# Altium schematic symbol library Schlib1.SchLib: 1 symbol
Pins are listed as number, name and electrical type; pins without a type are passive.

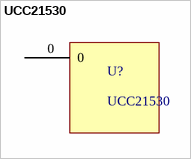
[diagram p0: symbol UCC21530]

## UCC21530
designator U?
pins: 0
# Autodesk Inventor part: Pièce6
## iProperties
Created: 2009-06
Part Number: Pièce6
Document SubType Name: Modeling
Designer: ajtco
Manufacturer: Standard
Standards Organization: Custom
Author: ajtco
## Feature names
1. Extrusion1
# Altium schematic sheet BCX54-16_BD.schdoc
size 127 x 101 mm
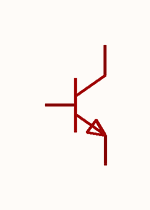
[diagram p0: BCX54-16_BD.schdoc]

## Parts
Q?  bcx54-16(range:100-250)  [SOT-89-3_L4.5-W2.5-P1.50-LS4.2-BR]  (value not drawn)

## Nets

Not connected (* = marked no-connect by the designer): Q? 1(B) 2(C) 3(E)

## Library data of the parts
Q? = bcx54-16(range:100-250): 晶体管类型:NPN;集电极电流(Ic):1A;集射极击穿电压(Vceo):45V;耗散功率(Pd):500mW;直流电流增益(hFE):100;; Manufacturer: CJ(江苏长电/长晶); Symbol: BCX54-16:BD; AddInBom: yes; ModelId: 6db690b7897d4d18a30d90c1b89525ee; ModelName: SOT-89-3_L4.3-W2.5-H1.6-LS4.1-P1.50; ModelTransform: 161.417,169.291,0,180,0,0,-18.661,0,0; type: NPN; Current - Collector(Ic): 1A; Collector - Emitter Voltage VCEO: 45V; Pd - Power Dissipation: 500mW; DC Current Gain: 100; Transition frequency(fT): 130MHz; Current - Collector Cutoff: 100nA; Vce Saturation(VCE(sat)): 500mV; Emitter-Base Voltage(Vebo): 5V; Number: 1个NPN
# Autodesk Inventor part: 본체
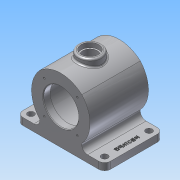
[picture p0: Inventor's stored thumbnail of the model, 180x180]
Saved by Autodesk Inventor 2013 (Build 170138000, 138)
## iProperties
Company: 한국ATC센터
Created: 2014-08
Part Number: 본체
Document SubType Name: Modeling
Designer: KYOUNG IL JANG
Density: 2.71 g/cm^3
Material: 알루미늄 6061
Mass: 1595.16 g
Surface Area: 933.369 cm^2
Volume: 588.618 cm^3
Author: KYOUNG IL JANG
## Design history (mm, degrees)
sketch "스케치1"
  geometry: L1 (-50, 0)-(50, 0); L2 (-36.062, 36.062)-(36.062, 36.062); L3 (36.062, 36.062)-(36.062, -36.062); L4 (36.062, -36.062)-(-36.062, -36.062); L5 (-36.062, -36.062)-(-36.062, 36.062); A1 r 53.623 centre (-3.623, 0) between (36.062, -36.062) and (36.062, 36.062); A2 r 53.623 centre (3.623, 0) between (-36.062, 36.062) and (-36.062, -36.062); A3 r 53.623 centre (0, -3.623) between (36.062, 36.062) and (-36.062, 36.062); A4 r 53.623 centre (0, 3.623) between (-36.062, -36.062) and (36.062, -36.062); 4 further points
  constraints: 11 point on circle, 10 end point, 5 coincident, 4 centre point, 4 horizontal alignment, 3 equal radius, 2 horizontal, 2 parallel, 2 perpendicular, 1 midpoint
  dimensions: "d83" = 51 distance of L2.end point (0, 0); "d84" = 100 distance of L1.end L1.start
extrude "돌출1" new body sketch "스케치1" stored distance "d9" = 100; taper "d10" = 0 deg
node "작업 평면1"
sketch "스케치2"
  geometry: L1 (75, 50)-(-75, 50); L2 (-75, 50)-(-75, -50); L3 (-75, -50)-(75, -50); L4 (75, -50)-(75, 50); 4 further points
  constraints: 8 end point, 3 midpoint, 2 parallel, 2 vertical alignment, 1 horizontal, 1 horizontal alignment, 1 perpendicular
  dimensions: "d14" = 150 distance of L2.end L3.end; "d82" = 100 distance of L1.end L2.end
extrude "돌출2" join sketch "스케치2" distance "d15" = 12; taper "d16" = 0 deg
node "작업 평면3"
  node "작업 평면4"
sketch "스케치3"
  geometry: C1 r 20 at (0, 0); 1 further point
  constraints: 2 coincident, 1 centre point
  dimensions: "d19" = 40 diameter of C1
extrude "돌출3" join sketch "스케치3" stored distance "d23" = 12; taper "d24" = 0 deg
node "작업 평면6"
  node "작업 평면5"
sketch "스케치4"
  geometry: C1 r 37.5 at (0, 0); 1 further point
  constraints: 1 centre point, 1 coincident
  dimensions: "d25" = 75 diameter of C1
extrude "돌출4" cut sketch "스케치4" stored distance "d26" = 76; taper "d27" = 0 deg
sketch "스케치5"
  geometry: C1 r 30 at (0, 0); 1 further point
  constraints: 1 centre point, 1 coincident
  dimensions: "d28" = 60 diameter of C1
extrude "돌출5" cut sketch "스케치5" stored distance "d29" = 116; taper "d30" = 0 deg
hole "구멍1" diameter "d33" = 25; stored, may be unused: countersink angle "d37" = 90 deg, drill point angle "d39" = 0 deg; dims "d31" = 10, "d32" = 10, "d34" = 6, "d35" = 30, "d36" = 8, "d38" = 40
sketch "스케치6"
  geometry: L1 (-75, -50)-(-75, 50) reference; L2 (-75, 50)-(75, 50) reference; L3 (75, -50)-(-75, -50) reference; L4 (75, 50)-(75, -50) reference; L5 (0, -50)-(0, 50); L6 (-75, 0)-(75, 0); L7 (-63, -38)-(63, 38); C1 r 5.5 at (-63, -38); C2 r 5.5 at (-63, 38); C3 r 5.5 at (63, -38); C4 r 5.5 at (63, 38); 2 further points
  constraints: 6 end point, 6 midpoint, 4 centre point, 2 equal radius, 2 horizontal alignment, 2 vertical alignment
  dimensions: "d49" = 11 diameter of C1; "d50" = 11 diameter of C2; "d100" = 12 distance from line of L2 C2.centre; "d101" = 12 distance from line of C2.centre L1
extrude "돌출6" cut sketch "스케치6" distance "d53" = 116; taper "d54" = 0 deg
sketch "스케치8"
  geometry: L1 (75, 50)-(75, -50) reference; 2 further points
  constraints: 1 horizontal alignment, 1 other
  dimensions: "d55" = 12 distance from line of L1 point (63, 0)
feature "엠보싱1" sketch "스케치8" dims "d57" = 1, "d58" = 0, "d83" = 51, "d84" = 100
fillet "모깎기2" dims "d60" = 10
fillet "모깎기5" dims "d63" = 10
fillet "모깎기7" dims "d65" = 3
sketch "스케치9"
  geometry: L1 (0, 0)-(-28.284, 28.284); L2 (0, 0)-(0, 40); C1 r 30 at (0, 0) reference; A1 r 40 centre (0, 0) between (-28.284, 28.284) and (0, 40); 1 further point
  constraints: 4 end point, 2 coincident, 2 point on circle, 1 centre point, 1 vertical
  dimensions: "d66" = 80 diameter of A1; "d67" = 45 deg angle of L1 L2
hole "M4" sketch "스케치9" at (-28.284, 28.284) diameter "d68" = 3.242; stored, may be unused: countersink angle "d72" = 90 deg, drill point angle "d74" = 118 deg; dims "d69" = 8, "d70" = 30, "d71" = 8, "d73" = 10
fillet "모깎기8" dims "d78" = 3
chamfer "모따기1" distance "d79" = 1; stored, may be unused: second distance "d80" = 2, angle "d81" = 45 deg
node "솔리드1"
pattern_circular "원형 패턴1" dims angle "d76" = 360 deg
mirror "대칭1"

+++

Each line with the word "equal" in the records above belongs in the result; copy all of them.

▶ **Result**:
  constraints: 11 point on circle, 10 end point, 5 coincident, 4 centre point, 4 horizontal alignment, 3 equal radius, 2 horizontal, 2 parallel, 2 perpendicular, 1 midpoint
  constraints: 6 end point, 6 midpoint, 4 centre point, 2 equal radius, 2 horizontal alignment, 2 vertical alignment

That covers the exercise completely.